Jason Hersey/Sun Star Columnist

Nowhere in this country do the profound seasonal mood swings, from summer, fall, winter and spring, manifest themselves so flamboyantly as they do in Alaska—and, especially so, the farther north you get. In Fairbanks, everyone is already talking about it, and if you are not, beware.

Most of us have seen Bambi as a small kid, and while we may not have been aware at the time, being “twitterpated” carries much more connotation than falling in love with a skunk. Just as Bambi, Thumper and Flower emerge from their dens after a long winter, so does the entirety of Fairbanks pour out of their holes wanting to talk with everybody. They want to bike, to bar, to ski, to see their friends, to soak up sun, to walk their babies, to be outside with no hat and mittens… oh! and to have sex.

Maybe it’s more biological than anything, like our Disney friends ditching their bros and sneaking off into the clover thicket. But it is no secret that Fairbanksans get a taste of spring sunshine and roam around town like wild beasts.

It’s not just the sex that puts us into a frenzy of animal instinct, though. Everything is affected. Homework is simply no longer feasible. We go out almost every night of the week. We have more energy for exercise (which makes us even more appealing to the roving beasts). We make friends. We remember hobbies we love to do. We forget that we need to take Vitamin D supplements. It is a time full of extra energy all around, and collaboration with others is like the combining of superpowers.

I’m not saying it is, exactly, a happy time, but that it is simply intense. How many people do you know have broken up with a serious partner recently? Or that have planned or are undergoing a major life altering event, like a move? The heavy air of winter burns away with the sunshine, and all the pent up antziness moves unchecked in one fixed direction—out.

I’m sure I don’t have to remind you of the precautions, but some of you will pretend that there are none, so I will remind you anyway.

  1. Beware of rebounding, roving beasts with much sexual prowess at their disposal. Doesn’t necessarily mean avoid them, just make them slow down and prove to you that they realize you are, in fact, human.

  2. Be aware of your own sexual powers. Stop and communicate your intentions honestly. You may be surprised how similar they are to the other, which will make things much easier of it doesn’t work out.

  3. We still have a month left of school! Enough said.

  4. If you are not sure how to go about riding this wave of energy, just pull out the things you love to do. Do them, and the rest will fall into place.

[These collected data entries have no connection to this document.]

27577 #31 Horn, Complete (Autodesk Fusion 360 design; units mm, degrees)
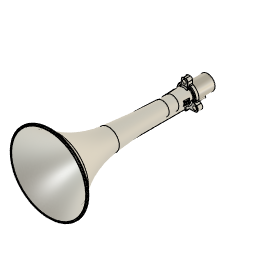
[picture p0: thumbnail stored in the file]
parameter "Bolt_Hole_Tolerance" = 1.5875 (= "( 1 / 16 ) * 1 in")
parameter "Dowel_Hole_Tolerance" = 0.0248 (= "( 1 / 1024 ) * 1 in")
parameter "d211" = 0.1984 (= "( 1 / 128 ) * 1 in")
canvas "Canvas1"
canvas "Canvas5"
canvas "Canvas7"
sketch "Main Profile" plane through (0, 0, 0) normal (1, 0, 0) x axis (0, 1, 0)
  line L1 (0, -22.225) -> (0, 22.225)
  line L2 (-53.975, 22.225) -> (0, 22.225)
  line L3 (-53.975, 44.45) -> (-53.975, 22.225)
  line L4 (-469.1063, 0) -> (0, 0)
  line L5 (-68.2625, 44.45) -> (-53.975, 44.45)
  line L6 (-53.975, -22.225) -> (0, -22.225)
  line L7 (-53.975, 22.225) -> (-53.975, -22.225)
  line L8 (-53.975, -38.1) -> (-53.975, -22.225)
  line L9 (-68.2625, -38.1) -> (-53.975, -38.1)
  line L10 (-68.2625, 44.45) -> (-68.2625, -38.1)
  line L11 (-133.2599, 16.9308) -> (0, 11.1125)
  line L12 (-63.5, 28.575) -> (-53.975, 28.575)
  line L13 (-63.5, 17.063) -> (-63.5, 28.575)
  line L14 (-133.1214, 20.1027) -> (-63.5, 17.063)
  line L15 (-469.1063, -114.3) -> (-469.1063, 114.3)
  line L16 (-68.2625, 17.2709) -> (-68.2625, 44.45)
  line L17 (9.1828, 34.925) -> (-68.2625, 34.925)
  line L18 (-34.1313, 22.225) -> (-34.1313, -22.225)
  line L19 (-133.2599, -16.9308) -> (0, -11.1125)
  line L20 (-68.2625, -17.2709) -> (-68.2625, -38.1)
  line L21 (-68.2625, -17.2709) -> (-133.1214, -20.1027)
  line L22 (-464.3438, 114.3) -> (-469.1063, 114.3)
  line L23 (-464.3438, 109.7849) -> (-464.3438, 114.3)
  line L24 (-104.775, 20.1844) -> (-63.5, 22.225)
  line L25 (-292.2803, 0) -> (-292.2803, 28.575)
  line L26 (-314.4904, -34.925) -> (-68.2625, -34.925)
  arc A1 centre (-15.2071, 2720.7853) radius 2706.4304 clockwise from (-133.2599, 16.9308) to (-292.2803, 28.575)
  arc A2 centre (-261.4012, 328.6152) radius 301.625 clockwise from (-292.2803, 28.575) to (-469.1063, 109.9002)
  arc A3 centre (-15.2071, 2720.7853) radius 2703.2554 clockwise from (-133.1214, 20.1027) to (-291.9553, 31.7333)
  arc A4 centre (-261.4012, 328.6152) radius 298.45 clockwise from (-291.9553, 31.7333) to (-469.1063, 114.3)
  arc A5 centre (-261.4012, -328.6152) radius 298.45 clockwise from (-469.1063, -114.3) to (-291.9553, -31.7333)
  arc A6 centre (-261.4012, -328.6152) radius 301.625 clockwise from (-469.1063, -109.9002) to (-292.2803, -28.575)
  arc A7 centre (-15.2071, -2720.7853) radius 2703.2554 clockwise from (-291.9553, -31.7333) to (-133.1214, -20.1027)
  arc A8 centre (-15.2071, -2720.7853) radius 2706.4304 clockwise from (-292.2803, -28.575) to (-133.2599, -16.9308)
  arc A9 centre (-119.8256, 324.6126) radius 304.8 clockwise from (-104.775, 20.1844) to (-133.1207, 20.1027)
  point P4 (0, 0)
  point P1 (0, 0)
  point P7 (0, 0)
  point P13 (0, 11.1125)
  point P15 (-53.975, 28.575)
  point P21 (-469.1063, 0)
  point P8 (-469.1063, 0)
  point P22 (-68.2625, 17.2709)
  point P23 (-68.2625, 34.925)
  point P27 (-469.1063, 109.9002)
  point P19 (-469.1063, 114.3)
  point P31 (-469.1063, 114.3)
  point P33 (-34.1313, -22.225)
  point P34 (-34.1313, 22.225)
  point P45 (0, -11.1125)
  point P14 (-133.2599, 16.9308)
  point P44 (-133.2599, -16.9308)
  point P18 (-133.1214, 20.1027)
  point P42 (-133.1214, -20.1027)
  point P25 (-292.2803, 28.575)
  point P40 (-292.2803, -28.575)
  point P39 (-469.1063, -109.9002)
  point P29 (-291.9553, 31.7333)
  point P37 (-291.9553, -31.7333)
  point P36 (-469.1063, -114.3)
  point P46 (-68.2625, -17.2709)
  point P48 (-464.3438, 109.7849)
  point P49 (-63.5, 22.225)
  point P51 (-104.775, 20.1844)
  point P54 (-292.2803, 0)
  point P50 (-104.775, 20.1844)
  point P52 (-133.1207, 20.1027)
  point P55 (-68.2625, -34.925)
  point P56 (-314.4904, -34.925)
  point P2 (0, 22.225)
  point P5 (-53.975, 22.225)
  point P3 (0, -22.225)
  point P6 (-53.975, 44.45)
  point P9 (-68.2625, 44.45)
  point P16 (-63.5, 28.575)
  point P20 (-469.1063, -114.3)
  point P47 (-464.3438, 114.3)
  point P12 (-68.2625, -38.1)
  vertical L1
  coincident L1 P4
  coincident P1 P4
  midpoint P1 L1
  perpendicular L1 L2
  perpendicular L2 L3
  coincident P1 P7
  perpendicular L1 L4
  perpendicular L3 L5
  perpendicular L1 L6
  vertical L7
  perpendicular L6 L8
  perpendicular L8 L9
  vertical L10
  coincident L1 P13
  coincident L3 P15
  perpendicular L3 L12
  perpendicular L12 L13
  parallel L11 L14
  vertical L15
  midpoint L15 P21
  coincident P8 P21
  coincident L14 P22
  coincident L10 P22
  coincident L10 P23
  perpendicular L16 L17
  tangent L11 A1
  coincident L15 P27
  tangent A1 A2
  tangent L14 A3
  concentric A1 A3
  tangent A3 A4
  concentric A2 A4
  coincident P19 P31
  coincident L6 P33
  coincident L2 P34
  perpendicular L2 L18
  symmetric L4 P13 P45
  symmetric L4 P14 P44
  symmetric L4 P18 P42
  symmetric L4 P25 P40
  symmetric L4 A1 A8
  symmetric L4 P27 P39
  symmetric L4 A2 A6
  symmetric L4 P29 P37
  symmetric L4 A3 A7
  symmetric L4 P31 P36
  symmetric L4 A4 A5
  coincident L10 P46
  perpendicular L9 L20
  tangent A7 L21
  perpendicular L15 L22
  coincident A4 P48
  vertical L23
  coincident L13 P49
  tangent L24 A9
  coincident L24 P51
  coincident L4 P54
  perpendicular L4 L25
  coincident P50 P51
  tangent L14 A9
  coincident A3 P52
  tangent A3 A9
  coincident L10 P55
  perpendicular L20 L26
  coincident A5 P56
  dimension "d1" distance P2 P5 = 53.975 (= "2 1/8")
  dimension "d2" distance P2 P3 = 44.45 (= "1 3/4")
  dimension "d3" distance P6 L4 = 44.45 (= "1 3/4")
  dimension "d4" distance P6 P9 = 14.2875 (= "( 9 / 16 ) * 1 in")
  dimension "d5" distance L4 L9 = 38.1
  dimension "d6" distance P4 P13 = 11.1125 (= "( 7 / 16 ) * 1 in")
  dimension "d7" distance L11 L14 = 3.175 (= "( 1 / 8 ) * 1 in")
  dimension "d9" distance P15 P16 = 9.525 (= "( 3 / 8 ) * 1 in")
  dimension "d10" distance L4 L12 = 28.575
  dimension "d11" distance L4 L17 = 34.925 (= "1 3/8")
  dimension "d12" distance P19 P20 = 228.6
  dimension "d17" distance L1 L18 = 34.1313 (= "1 11/32")
  dimension "d68" distance P19 P47 = 4.7625 (= "( 3 / 16 ) * 1 in")
  dimension "d114" distance P16 P49 = 6.35 (= "( 1 / 4 ) * 1 in")
  dimension "d115" distance L13 P50 = 41.275 (= "1 5/8")
  dimension "d116" radius A9 = 304.8
  dimension "d157" distance L15 L18 = 434.975 (= "17 1/8")
  dimension "d172" angle L4 L11 = 2.5
  dimension "d173" radius A2 = 301.625 (= "11 7/8")
  dimension "d174" distance P25 P54 = 28.575 (= "1 1/8")
  dimension "d175" distance P12 P55 = 3.175 (= "( 1 / 8 ) * 1 in")
revolve "Revolve1" sketch "Main Profile" AlongAngle 360
revolve "Revolve3" sketch "Main Profile" AlongAngle 360
fillet "Fillet16" radius 101.6
sketch "Flange Profile" plane through (0, -53.975, 0) normal (0, 1, 0) x axis (-1, 0, 0)
  line L1 (0, 34.925) -> (0, 0)
  line L2 (0, 44.45) -> (0, 34.925)
  line L3 (3.175, 44.45) -> (-3.175, 44.45)
  line L4 (9.525, 31.1085) -> (9.525, 38.1)
  line L5 (-30.2459, -17.4625) -> (0, 0)
  line L6 (30.2459, -17.4625) -> (0, 0)
  line L7 (30.2459, -26.9875) -> (15.0812, -26.9875)
  line L8 (29.9633, -6.3008) -> (35.0084, -9.2136)
  line L9 (0, -31.75) -> (0, 0)
  line L10 (0, -38.1) -> (0, -31.75)
  line L11 (3.9688, -38.1) -> (-3.9688, -38.1)
  line L12 (15.0812, -26.9875) -> (3.9688, -38.1)
  line L13 (-15.0812, -26.9875) -> (-3.9688, -38.1)
  line L14 (-30.2459, -26.9875) -> (-15.0812, -26.9875)
  line L15 (-29.9633, -6.3008) -> (-35.0084, -9.2136)
  line L16 (-9.525, 31.1085) -> (-9.525, 38.1)
  line L17 (9.525, 20.0805) -> (9.525, 31.1085)
  line L18 (-9.525, 20.0805) -> (-9.525, 31.1085)
  line L19 (22.1527, -1.7913) -> (29.9633, -6.3008)
  line L20 (-22.1527, -1.7913) -> (-29.9633, -6.3008)
  circle C1 centre (0, 0) radius 22.225
  circle C2 centre (0, 0) radius 28.575
  circle C3 centre (0, 34.925) radius 5.5563
  arc A1 centre (3.175, 38.1) radius 6.35 clockwise from (3.175, 44.45) to (9.525, 38.1)
  arc A2 centre (15.875, 31.1085) radius 6.35 clockwise from (12.9886, 25.4524) to (9.525, 31.1085)
  arc A3 centre (0, 0) radius 28.575 clockwise from (12.9886, 25.4524) to (28.3957, -3.196)
  circle C4 centre (-30.2459, -17.4625) radius 5.5563
  circle C5 centre (30.2459, -17.4625) radius 5.5563
  arc A4 centre (30.2459, -17.4625) radius 9.525 clockwise from (35.0084, -9.2136) to (30.2459, -26.9875)
  arc A5 centre (31.5508, -3.5512) radius 3.175 clockwise from (29.9633, -6.3008) to (28.3957, -3.196)
  circle C6 centre (0, -31.75) radius 3.9688
  arc A6 centre (-30.2459, -17.4625) radius 9.525 clockwise from (-30.2459, -26.9875) to (-35.0084, -9.2136)
  arc A7 centre (-31.5508, -3.5512) radius 3.175 clockwise from (-28.3957, -3.196) to (-29.9633, -6.3008)
  arc A8 centre (0, 0) radius 28.575 clockwise from (-28.3957, -3.196) to (-12.9886, 25.4524)
  arc A9 centre (-15.875, 31.1085) radius 6.35 clockwise from (-9.525, 31.1085) to (-12.9886, 25.4524)
  arc A10 centre (-3.175, 38.1) radius 6.35 clockwise from (-9.525, 38.1) to (-3.175, 44.45)
  point P1 (0, 0)
  point P3 (0, 0)
  point P4 (0, 34.925)
  point P5 (0, 34.925)
  point P6 (0, 34.925)
  point P10 (0, 44.45)
  point P7 (0, 44.45)
  point P30 (0, 0)
  point P31 (0, -31.75)
  point P32 (0, -31.75)
  point P33 (0, -31.75)
  point P37 (0, -38.1)
  point P34 (0, -38.1)
  point P9 (3.175, 44.45)
  point P52 (-3.175, 44.45)
  point P11 (9.525, 38.1)
  point P50 (-9.525, 38.1)
  point P13 (9.525, 31.1085)
  point P49 (-9.525, 31.1085)
  point P14 (12.9886, 25.4524)
  point P47 (-12.9886, 25.4524)
  point P16 (28.3957, -3.196)
  point P45 (-28.3957, -3.196)
  point P24 (15.0812, -26.9875)
  point P39 (-15.0812, -26.9875)
  point P25 (30.2459, -26.9875)
  point P40 (-30.2459, -26.9875)
  point P26 (35.0084, -9.2136)
  point P42 (-35.0084, -9.2136)
  point P28 (29.9633, -6.3008)
  point P43 (-29.9633, -6.3008)
  point P36 (3.9688, -38.1)
  point P38 (-3.9688, -38.1)
  point P53 (9.525, 20.0805)
  point P54 (-9.525, 20.0805)
  point P55 (22.1527, -1.7913)
  point P56 (-22.1527, -1.7913)
  point P35 (-3.9688, -38.1)
  point P19 (0, 0)
  coincident P1 P3
  vertical L1
  coincident P4 P5
  coincident P5 P6
  parallel L1 L2
  horizontal L3
  coincident L3 P10
  midpoint L3 P10
  coincident P7 P10
  tangent L3 A1
  vertical L4
  tangent A1 L4
  tangent L4 A2
  tangent A2 A3
  concentric C1 A3
  horizontal L7
  tangent L7 A4
  concentric C5 A4
  tangent A4 L8
  tangent L8 A5
  tangent A3 A5
  coincident P1 P30
  vertical L9
  coincident P31 P32
  coincident P32 P33
  parallel L9 L10
  horizontal L11
  midpoint L11 P37
  coincident P34 P37
  symmetric L1 P9 P52
  symmetric L1 P11 P50
  symmetric L1 A1 A10
  symmetric L1 P13 P49
  symmetric L1 P14 P47
  symmetric L1 A2 A9
  symmetric L1 P16 P45
  symmetric L1 A3 A8
  symmetric L1 P24 P39
  symmetric L1 P25 P40
  symmetric L1 P26 P42
  symmetric L1 A4 A6
  symmetric L1 P28 P43
  symmetric L1 A5 A7
  symmetric L1 P36 P38
  coincident C1 P53
  tangent A2 L17
  tangent A9 L18
  coincident C1 P54
  coincident C1 P55
  tangent A5 L19
  coincident C1 P56
  tangent A7 L20
  dimension "d95" distance P3 P4 = 34.925 (= "1 3/8")
  dimension "d96" diameter C3 = 11.1125 (= "( 3 / 8 ) * 1 in + Bolt_Hole_Tolerance")
  dimension "d97" radius A1 = 6.35 (= "( 1 / 4 ) * 1 in")
  dimension "d98" distance P1 L3 = 44.45 (= "1 3/4")
  dimension "d99" distance P5 L4 = 9.525 (= "( 3 / 8 ) * 1 in")
  dimension "d100" radius A2 = 6.35 (= "( 1 / 4 ) * 1 in")
  dimension "d101" radius A3 = 28.575 (= "1 1/8")
  dimension "d104" radius A4 = 9.525 (= "( 3 / 8 ) * 1 in")
  dimension "d105" angle L7 L8 = 30
  dimension "d106" radius A5 = 3.175 (= "( 1 / 8 ) * 1 in")
  dimension "d107" distance P30 P31 = 31.75 (= "1 1/4")
  dimension "d108" diameter C6 = 7.9375 (= "( 5 / 16 ) * 1 in")
  dimension "d109" distance P35 P36 = 7.9375 (= "( 5 / 16 ) * 1 in")
  dimension "d110" angle L7 L12 = 135
  dimension "d111" distance P19 L11 = 38.1 (= "1 1/2")
  dimension "d103" C-Pattern1-Angle = 360
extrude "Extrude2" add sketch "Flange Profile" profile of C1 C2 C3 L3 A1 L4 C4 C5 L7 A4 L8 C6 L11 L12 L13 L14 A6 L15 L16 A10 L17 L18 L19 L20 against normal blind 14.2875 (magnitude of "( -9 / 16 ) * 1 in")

  5. All the usual..birth control, STD protection, etc…Spring doesn’t have to tolerate stupidity.

  6. Finally, if you are lucky enough to meet someone you would want to spend more than a night in the clover thicket with, don’t treat them like the beast. (See #1 and #2)

Spring fever is upon us. It is relentless. It can be harsh, but also loving. Those of you that are still with your mate and keeping your head about you: good for you! But you are still welcome to come join the rest of us on the wave of craziness. Have you ever been on an old-school merry-go-round that is just plain overflowing with people? The more the merrier, right? Really, that is what it is all about.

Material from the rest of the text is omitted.